The Westminster Foundation for Democracy (WFD) has urged the National Assembly in Nigeria to introduce affirmative action bills that will create quotas for women, youth, and persons with disabilities (PWDs) in political positions. The call comes as part of WFD's efforts to enhance political inclusion and promote equal representation in democratic processes.

A study conducted by WFD titled "A Study of Inclusive Practices of Nigeria's Political Parties (2023)" stresses the need for legislative action to ensure adequate representation of underrepresented groups. The report recommends the use of both incentives and sanctions to enforce political inclusion, pushing for the implementation of quotas at all levels of political parties.

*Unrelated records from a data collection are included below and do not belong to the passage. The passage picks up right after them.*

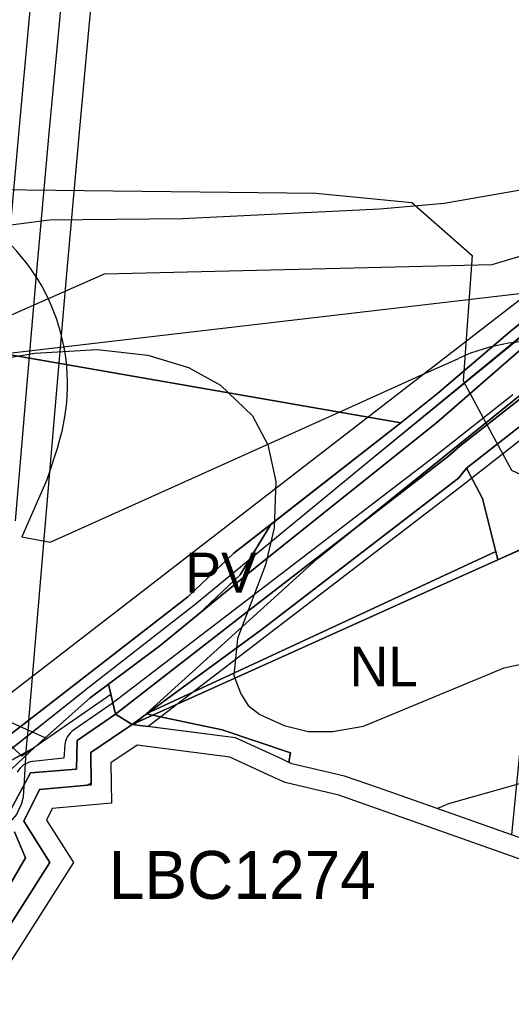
# Model space of a CAD drawing. Extents: x -758499 to -754160, y -1175205 to -1172032.
# Drawn here: x -756598.2 to -756475, y -1174594.7 to -1174350.7 of the extents above; entities that cross this region are included whole.
import ezdxf

# ---------------------------------------------------------------- set-up
doc = ezdxf.new("R2010")
doc.units = 0
for name, color, linetype in [('A040_Les50_p', 7, 'Continuous'), ('A041_BPEJ_p', 7, 'Continuous'), ('A043_InvPuda_p', 7, 'Continuous'), ('A050_Q100_p', 7, 'Continuous'), ('A053_ZvlPovoden_p', 7, 'Continuous'), ('A068_Vodovod_l', 7, 'Continuous'), ('A082_RSS_l', 7, 'Continuous'), ('A106_CykloT_l', 7, 'Continuous'), ('A106_TuristT_l', 7, 'Continuous'), ('HRANICE změn v krajině', 7, 'Continuous'), ('HRANICE řešeného území', 7, 'Continuous'), ('indexy RZV_TYP_1', 7, 'Continuous'), ('LIMITY OP vodovodu', 7, 'Continuous'), ('NÁVRH NL lesní', 7, 'Continuous'), ('PLOCHY NL lesní', 7, 'Continuous'), ('PLOCHY NS smíšené nezastavěného území', 7, 'Continuous'), ('PLOCHY NZo zemědělské-orná půda', 7, 'Continuous'), ('PLOCHY NZt zeměděl-trvalý travní porost', 7, 'Continuous'), ('PLOCHY PV prostranství veřejné', 7, 'Continuous'), ('PLOCHY VV vodní a vodohospodářské', 7, 'Continuous'), ('protipovodňová opatření- obnova ramene NÁVRH', 7, 'Continuous'), ('VPO RO retenční opatření - plochy', 7, 'Continuous'), ('vrstevnice', 7, 'Continuous'), ('ZPF obrys ploch k odnětí', 7, 'Continuous'), ('ZPF třída ochrany III', 7, 'Continuous'), ('ÚSES LBC jako součást RBK', 7, 'Continuous'), ('ÚSES LBK funkční', 7, 'Continuous'), ('ÚSES NBK funkční', 7, 'Continuous')]:
    doc.layers.add(name, color=color, linetype=linetype)

msp = doc.modelspace()

# ---------------------------------------------------------------- linework, layer by layer
at = {"layer": 'A040_Les50_p'}
for p, q in [((-756498.95, -1174440.27), (-756488.31, -1174435.48)), ((-756515.76, -1174447.84), (-756498.95, -1174440.27))]:
    msp.add_line(p, q, dxfattribs=at)
for points in [[(-756590.49, -1174481.49), (-756585.1, -1174479.07), (-756515.76, -1174447.84)], [(-756588.52, -1174457.25), (-756591.29, -1174465.89), (-756597.6, -1174480.1), (-756590.49, -1174481.49)]]:
    msp.add_lwpolyline(points, dxfattribs=at)
for centre, start, end in [((-756636.13, -1174441.98), 342.2144, 114.2004), ((-756467.78, -1174481.07), 354.3867, 114.2367), ((-756478.42, -1174485.86), 114.2367, 114.2433), ((-756495.23, -1174493.43), 114.2433, 114.247)]:
    msp.add_arc(centre, 50, start, end, dxfattribs=at)
at = {"layer": 'A041_BPEJ_p'}
for p, q in [((-756437.63, -1174416.24), (-756515.58, -1174479.13)), ((-756515.58, -1174479.13), (-756437.63, -1174416.24)), ((-756475.43, -1174428.83), (-756458.44, -1174415.07)), ((-756458.44, -1174415.07), (-756475.43, -1174428.83)), ((-756493.49, -1174444.31), (-756475.43, -1174428.83)), ((-756475.43, -1174428.83), (-756493.49, -1174444.31)), ((-756471.9, -1174432.58), (-756493.78, -1174451.61)), ((-756493.78, -1174451.61), (-756471.9, -1174432.58)), ((-756502.69, -1174451.65), (-756493.49, -1174444.31)), ((-756493.49, -1174444.31), (-756502.69, -1174451.65)), ((-756493.78, -1174451.61), (-756538.25, -1174487.18)), ((-756538.25, -1174487.18), (-756493.78, -1174451.61)), ((-756535.23, -1174477.02), (-756502.69, -1174451.65)), ((-756502.69, -1174451.65), (-756535.23, -1174477.02)), ((-756542.94, -1174489.61), (-756535.23, -1174477.02)), ((-756535.23, -1174477.02), (-756542.94, -1174489.61)), ((-756515.58, -1174479.13), (-756541.52, -1174499.18)), ((-756523.67, -1174485.65), (-756515.58, -1174479.13)), ((-756467.78, -1174481.07), (-756478.42, -1174485.86)), ((-756478.42, -1174485.86), (-756467.78, -1174481.07)), ((-756478.94, -1174483.82), (-756566.43, -1174524.45)), ((-756566.43, -1174524.45), (-756478.94, -1174483.82)), ((-756478.42, -1174485.86), (-756478.94, -1174483.82)), ((-756478.94, -1174483.82), (-756478.42, -1174485.86)), ((-756566.43, -1174524.45), (-756523.67, -1174485.65)), ((-756538.25, -1174487.18), (-756553.39, -1174499.51)), ((-756553.39, -1174499.51), (-756538.25, -1174487.18)), ((-756553.39, -1174499.51), (-756542.94, -1174489.61)), ((-756542.94, -1174489.61), (-756553.39, -1174499.51)), ((-756541.52, -1174499.18), (-756569.68, -1174521.07)), ((-756575.27, -1174519.59), (-756597.58, -1174535.01)), ((-756574.1, -1174524.5), (-756575.27, -1174519.59)), ((-756569.68, -1174521.07), (-756574.1, -1174524.5)), ((-756569.49, -1174527.16), (-756566.43, -1174524.45)), ((-756547.43, -1174528.41), (-756566.43, -1174524.45)), ((-756566.43, -1174524.45), (-756547.43, -1174528.41)), ((-756530.34, -1174534.21), (-756547.43, -1174528.41)), ((-756547.43, -1174528.41), (-756530.34, -1174534.21)), ((-756597.58, -1174535.01), (-756602.01, -1174530.76)), ((-756530.73, -1174536.56), (-756530.34, -1174534.21)), ((-756530.34, -1174534.21), (-756530.73, -1174536.56)), ((-756581.6, -1174542.33), (-756580.21, -1174541.74))]:
    msp.add_line(p, q, dxfattribs=at)
for points in [[(-756530.73, -1174536.56), (-756531.23, -1174536.33), (-756532.74, -1174535.64), (-756544.1, -1174530.4), (-756569.49, -1174527.16)], [(-756475, -1174554.72), (-756497.9, -1174546.65), (-756508.56, -1174542.9), (-756516.8, -1174540), (-756530, -1174536.9), (-756530.73, -1174536.56)], [(-756580.21, -1174541.74), (-756580.2, -1174542.2), (-756581.6, -1174542.33)]]:
    msp.add_lwpolyline(points, dxfattribs=at)
at = {"layer": 'A043_InvPuda_p'}
msp.add_line((-756366.82, -1174338.86), (-756610.15, -1174526.83), dxfattribs=at)
at = {"layer": 'A050_Q100_p'}
for p, q in [((-756640.05, -1174392.82), (-756523.95, -1174394.14)), ((-756523.95, -1174394.14), (-756499.99, -1174396.5)), ((-756499.99, -1174396.5), (-756484.85, -1174409.74)), ((-756484.85, -1174409.74), (-756487.12, -1174441.13)), ((-756487.12, -1174441.13), (-756475.01, -1174463.45)), ((-756475.01, -1174463.45), (-756453.44, -1174473.66))]:
    msp.add_line(p, q, dxfattribs=at)
at = {"layer": 'A053_ZvlPovoden_p'}
msp.add_lwpolyline([(-756442.75, -1174566.23), (-756447.2, -1174564.5), (-756475, -1174554.72), (-756497.9, -1174546.65), (-756508.56, -1174542.9), (-756516.8, -1174540), (-756530, -1174536.9), (-756531.23, -1174536.33), (-756532.74, -1174535.64), (-756544.1, -1174530.4), (-756570, -1174527.1), (-756580.3, -1174534.1), (-756580.2, -1174542.2), (-756593.2, -1174543.4), (-756597.1, -1174551.3), (-756590.6, -1174561.6), (-756610.6, -1174593)], dxfattribs=at)
at = {"layer": 'A068_Vodovod_l'}
for p, q in [((-756585.96, -1174328.29), (-756588.26, -1174351.74)), ((-756588.26, -1174351.74), (-756590.71, -1174378.21)), ((-756590.71, -1174378.21), (-756593.98, -1174414.56)), ((-756593.98, -1174414.56), (-756596.79, -1174447.61)), ((-756596.79, -1174447.61), (-756599.23, -1174476.12))]:
    msp.add_line(p, q, dxfattribs=at)
at = {"layer": 'A082_RSS_l'}
msp.add_line((-755336.54, -1174286.94), (-757157.2, -1174499.04), dxfattribs=at)
at = {"layer": 'A106_CykloT_l'}
for p, q in [((-756454.78, -1174415.63), (-756510.66, -1174461.22)), ((-756510.66, -1174461.22), (-756554.2, -1174497.04)), ((-756554.2, -1174497.04), (-756580.75, -1174517.73))]:
    msp.add_line(p, q, dxfattribs=at)
msp.add_lwpolyline([(-756580.75, -1174517.73), (-756603.81, -1174536.06), (-756634.48, -1174569.59), (-756661.16, -1174595.4)], dxfattribs=at)
at = {"layer": 'A106_TuristT_l'}
for p, q in [((-756428.85, -1174393.94), (-756510.66, -1174461.22)), ((-756510.66, -1174461.22), (-756554.2, -1174497.04)), ((-756554.2, -1174497.04), (-756580.75, -1174517.73)), ((-756580.75, -1174517.73), (-756603.81, -1174536.06))]:
    msp.add_line(p, q, dxfattribs=at)
msp.add_lwpolyline([(-756901.81, -1174477.78), (-756825.76, -1174458.08), (-756805.07, -1174450.48), (-756774.77, -1174444.62), (-756739.5, -1174452.1), (-756705.96, -1174463.81), (-756685.13, -1174462.93), (-756614.4, -1174430.84), (-756576.87, -1174414.32), (-756479.81, -1174411.97), (-756441.96, -1174400.66), (-756428.85, -1174393.94), (-756406.85, -1174376.99), (-756377.92, -1174355.05), (-756340.65, -1174330.24), (-756331.67, -1174321.14), (-756326.19, -1174313.66), (-756309.92, -1174288.16), (-756301.82, -1174281.12), (-756289.96, -1174275.89), (-756280.72, -1174271.65), (-756256.13, -1174262.02)], dxfattribs=at)
at = {"layer": 'HRANICE změn v krajině'}
msp.add_lwpolyline([(-756613.9, -1174432.27), (-756502.69, -1174451.65), (-756544.5, -1174484.25), (-756556, -1174495.16), (-756604.81, -1174532.93), (-756607.52, -1174529.11), (-756625.33, -1174530.37), (-756641.8, -1174531.53), (-756666.1, -1174529.35), (-756673.17, -1174508.23), (-756675.5, -1174493.21), (-756673.73, -1174478.91), (-756666.63, -1174470), (-756639.71, -1174453.14), (-756636.13, -1174441.98)], close=True, dxfattribs=at)
at = {"layer": 'HRANICE řešeného území'}
for points in [[(-756475, -1174554.72), (-756497.9, -1174546.65), (-756508.56, -1174542.9), (-756516.8, -1174540), (-756530, -1174536.9), (-756531.23, -1174536.33), (-756532.74, -1174535.64), (-756544.1, -1174530.4), (-756570, -1174527.1), (-756580.3, -1174534.1), (-756580.2, -1174542.2), (-756593.2, -1174543.4), (-756597.1, -1174551.3), (-756590.6, -1174561.6), (-756610.6, -1174593)], [(-756367.06, -1174596.6), (-756372.97, -1174591.62), (-756376.82, -1174591), (-756404.32, -1174586.55), (-756448.94, -1174569.19), (-756476.66, -1174559.44), (-756499.56, -1174551.37), (-756510.22, -1174547.62), (-756518.21, -1174544.81), (-756531.64, -1174541.65), (-756533.32, -1174540.87), (-756534.83, -1174540.18), (-756545.5, -1174535.26), (-756568.75, -1174532.3), (-756575.27, -1174536.73), (-756575.14, -1174546.75), (-756589.95, -1174548.12), (-756591.38, -1174551), (-756584.68, -1174561.61), (-756607.86, -1174598)]]:
    msp.add_lwpolyline(points, dxfattribs=at)
at = {"layer": 'LIMITY OP vodovodu'}
for points in [[(-756612.1, -1174541.9), (-756611.43, -1174531.5), (-756610.91, -1174526.01), (-756610.88, -1174525.27), (-756609.05, -1174503.19), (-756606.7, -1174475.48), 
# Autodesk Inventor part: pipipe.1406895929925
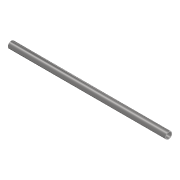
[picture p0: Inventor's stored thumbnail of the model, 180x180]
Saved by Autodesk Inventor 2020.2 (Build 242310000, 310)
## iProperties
Manager: www.cadconsulting.pl
Company: Fabian Stasiak CAD Consulting
IsCustomPart: 1
NAME: PIPING: JIS G 3458 Pipe
DATA: <meta><inlinegroups number="1" deflen="10"></inlinegroups><connections number="2"></connections><angles><a>3.14159265358979</a></angles></meta>
Created: 2014-08
Material: Stal, stopowa
Description: Rura
Document SubType Name: Modeling
Standard: JIS G 3458
Designer: F.Stasiak
Standards Organization: JIS
Language: pl-PL
Size Designation: 40 A x Sch 80 - 100
Categories: <MemberInstance><Categories><Category DisplayName="Rury cienko- i grubościenne" InternalName="4347fa0f-2144-441d-94cd-e3e15c92b736" Mnemonic="TUBEANDPIPE"><Cate
Stock Number: JIS G 3458 Rura 40 A x Sch 80
Density: 7.73 g/cm^3
Appearance: Częściowo polerowana
Catalog Web Link: www.expertbooks.pl
L: 1136,000 mm
PL: 1136,000 mm
Author: F.Stasiak
Subject: Zbiór ćwiczeń. Autodesk Inventor 2020. Kurs Professional
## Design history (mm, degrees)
sketch "Sketch1"
  geometry: C1 r 24.3 at (0, 0); C2 r 19.2 at (0, 0); 1 further point
  constraints: 2 centre point, 2 coincident, 1 concentric
  dimensions: "d0" = 48.6 diameter of C1 (= OD); "d1" = 38.4 diameter of C2 (= OD - 2 x t)
extrude "Extrusion1" new body sketch "Sketch1" distance "d2" = 1136 (= L); taper "d3" = 0 deg
workaxis "Work Axis1"
workpoint "Work Point1"
workaxis "Work Axis2"
workpoint "Work Point2"
body "Solid1"
other parameters: "OD" = 48.6 [user parameter; used in 2 equation terms], "t" = 5.1 [user parameter; used in 1 equation term], "L" = 1136 (= PL) [user parameter; used in 1 equation term], "ID" = 38.4 [user parameter], "PL" = 1136 [user parameter; used in 1 equation term], "Size_Designation" = 12.345 [user parameter]
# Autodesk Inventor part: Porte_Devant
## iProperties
Created: 2009-01
Part Number: Porte_Devant
Document SubType Name: Sheet Metal
Designer: claivier
Author: claivier
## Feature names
1. Extrusion1
2. Miroir1 [Mirror]
3. Extrusion3
4. Miroir2 [Mirror]
5. Perçage1 [Hole]
6. Perçage2 [Hole]
7. Perçage3 [Hole]
8. Extrusion6
9. Plaque1
10. Pli1
11. Plaque3
12. Pli3
13. Couper1
14. Couper3
15. Couper5
16. Couper6
17. Couper8
18. Couper9
19. Couper10
20. Couper11
21. Couper12
22. Couper13
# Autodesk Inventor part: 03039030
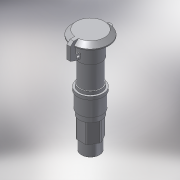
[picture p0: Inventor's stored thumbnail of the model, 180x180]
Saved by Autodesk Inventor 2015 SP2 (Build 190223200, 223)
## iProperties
Created: 2017-06
Part Number: 03039030
Material: PVC-Piping
Description: PLASSON QUICK COUPLING VALVE 1"
Document SubType Name: Modeling
Designer: KIM
Mass: 262.982 g
Surface Area: 296.369 cm^2
Volume: 187.844 cm^3
Density: 1.4 g/cm^3
Appearance: Smooth - White
Author: KIM
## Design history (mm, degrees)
derived "03039.ipt"
feature "Solid1::03039.ipt"
tag "TaggingFeature1"
body "Solid1"
other parameters: "d1" = 154, "d23" = 18, "d24" = 46.2, "d25" = 53.9, "d26" = 77, "d27" = 81.62, "d28" = 86.24, "d29" = 120.12, "d32" = 146.3, "d33" = 147.84, "d34" = 33.249, "d40" = 36, "d45" = 39.8988, "d46" = 43.2237, "d47" = 46.5486, "d49" = 36.5739, "d54" = 39.8988, "d55" = 66.498, "d65" = 45 deg, "d66" = 26.5992, "d69" = 0, "d70" = 1.66245, "d73" = 0.66498, "d76" = 9.9747, "d77" = 26.5992, "d78" = 135 deg, "d79" = 110 deg, "d80" = 110 deg, "d81" = 9.9747, "d82" = 3.3249, "d83" = 23.1, "d84" = 6.6498, "d85" = 0, "d86" = 4.98735, "d87" = 13.2996, "d88" = 0, "d89" = 3.3249, "d90" = 3.3249, "d91" = 0, "d92" = 9.9747, "d93" = 1.99494, "d94" = 11.96964, "d95" = 1.66245, "d96" = 0, "R_" = 33.249, "H_" = 154, "l_2" = 18, "d48" = 39.8988
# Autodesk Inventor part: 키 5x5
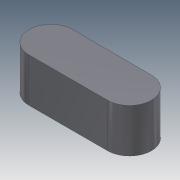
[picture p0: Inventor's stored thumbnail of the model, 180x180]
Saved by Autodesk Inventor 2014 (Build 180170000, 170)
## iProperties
Company: 한국ATC센터
Created: 2014-10
Part Number: 키 5x5
Document SubType Name: Modeling
Designer: KYOUNG IL JANG
Density: 1 g/cm^3
Mass: 0.323175 g
Surface Area: 2.9781 cm^2
Volume: 0.323175 cm^3
Material: 일반
Appearance: 강철 - 광택
Author: KYOUNG IL JANG
Revision Number: 1
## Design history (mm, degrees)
sketch "스케치1"
  geometry: L1 (-4.5, -2.5)-(4.5, -2.5); L2 (4.5, 2.5)-(-4.5, 2.5); A1 r 2.5 centre (4.5, 0) between (4.5, -2.5) and (4.5, 2.5); A2 r 2.5 centre (-4.5, 0) between (-4.5, 2.5) and (-4.5, -2.5); 2 further points
  constraints: 4 end point, 4 point on circle, 4 tangent, 2 centre point, 1 horizontal, 1 horizontal alignment, 1 midpoint, 1 parallel, 1 vertical alignment
  dimensions: "d0" = 5 distance between parallel lines of L1 L2; "d1" = 14 dimension on A1 A2
extrude "돌출1" new body sketch "스케치1" stored distance "d2" = 5; taper "d3" = 0 deg
node "솔리드1"
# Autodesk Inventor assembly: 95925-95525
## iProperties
Author: Administrator
Created: 2002-04
Part Number: 95925-95525
Document SubType Name: Assembly
Designer: Administrator
Control State: 0
Master: False
Checked Out: False
PropertySet Name: Design Tracking Control
Shininess: 64.0
Angle Display Precision: 2
Document Length Units: 11272
Document Angle Units: 11286
Document Time Units: 11279
Document Mass Units: 11290
Document Length Units Precision: 3
Document Angle Units Precision: 2
Compacted: True
PropertySet Name: _Private Model Information
Density: 0.0
Volumn: 0.0
Area: 0.0
PropertySet Name: Model Information

The study highlights the monetization of the electoral process and lack of willingness by political parties to comply with inclusive practices as major factors driving political exclusion in Nigeria. It points out that political parties often fail to implement their own constitutional provisions and manifestos that aim to promote the political participation of women, young people, and PWDs.

Efforts to introduce similar bills in the previous Assembly were met with resistance, leading to protests by women's groups at the National Assembly. However, the WFD report emphasizes the importance of continued advocacy and the review of existing legislation to enhance inclusivity.

The report also raises concerns about the declining representation of women, young people, and PWDs in governance in Nigeria. Currently, women represent only 6.7% of elective and appointive positions, well below the global and regional averages. The report emphasizes that democracy cannot thrive when half of the population is excluded from decision-making processes.

The call for quotas has gained support from various stakeholders, including the political counsellor to the British High Commission, Tom Burge. Burge highlighted the evidence from sub-Saharan African countries and around the world, supporting the introduction of gender quotas to enhance women's political participation. He noted that 130 countries globally have some form of quota system in place to promote women's representation.

Addressing the conference, the country director of WFD, Adebowale Olorunmola, condemned the exclusion of underrepresented groups from political offices and urged political parties to adhere to the constitutional provisions promoting inclusivity. Olorunmola also expressed WFD's commitment to working with political parties and other stakeholders to address the declining representation of women, young people, and PWDs.

The conference, attended by representatives of various political parties and members of civil society, provided a platform for dialogue on the importance of political inclusion and the need for legislation to ensure equal representation in Nigeria.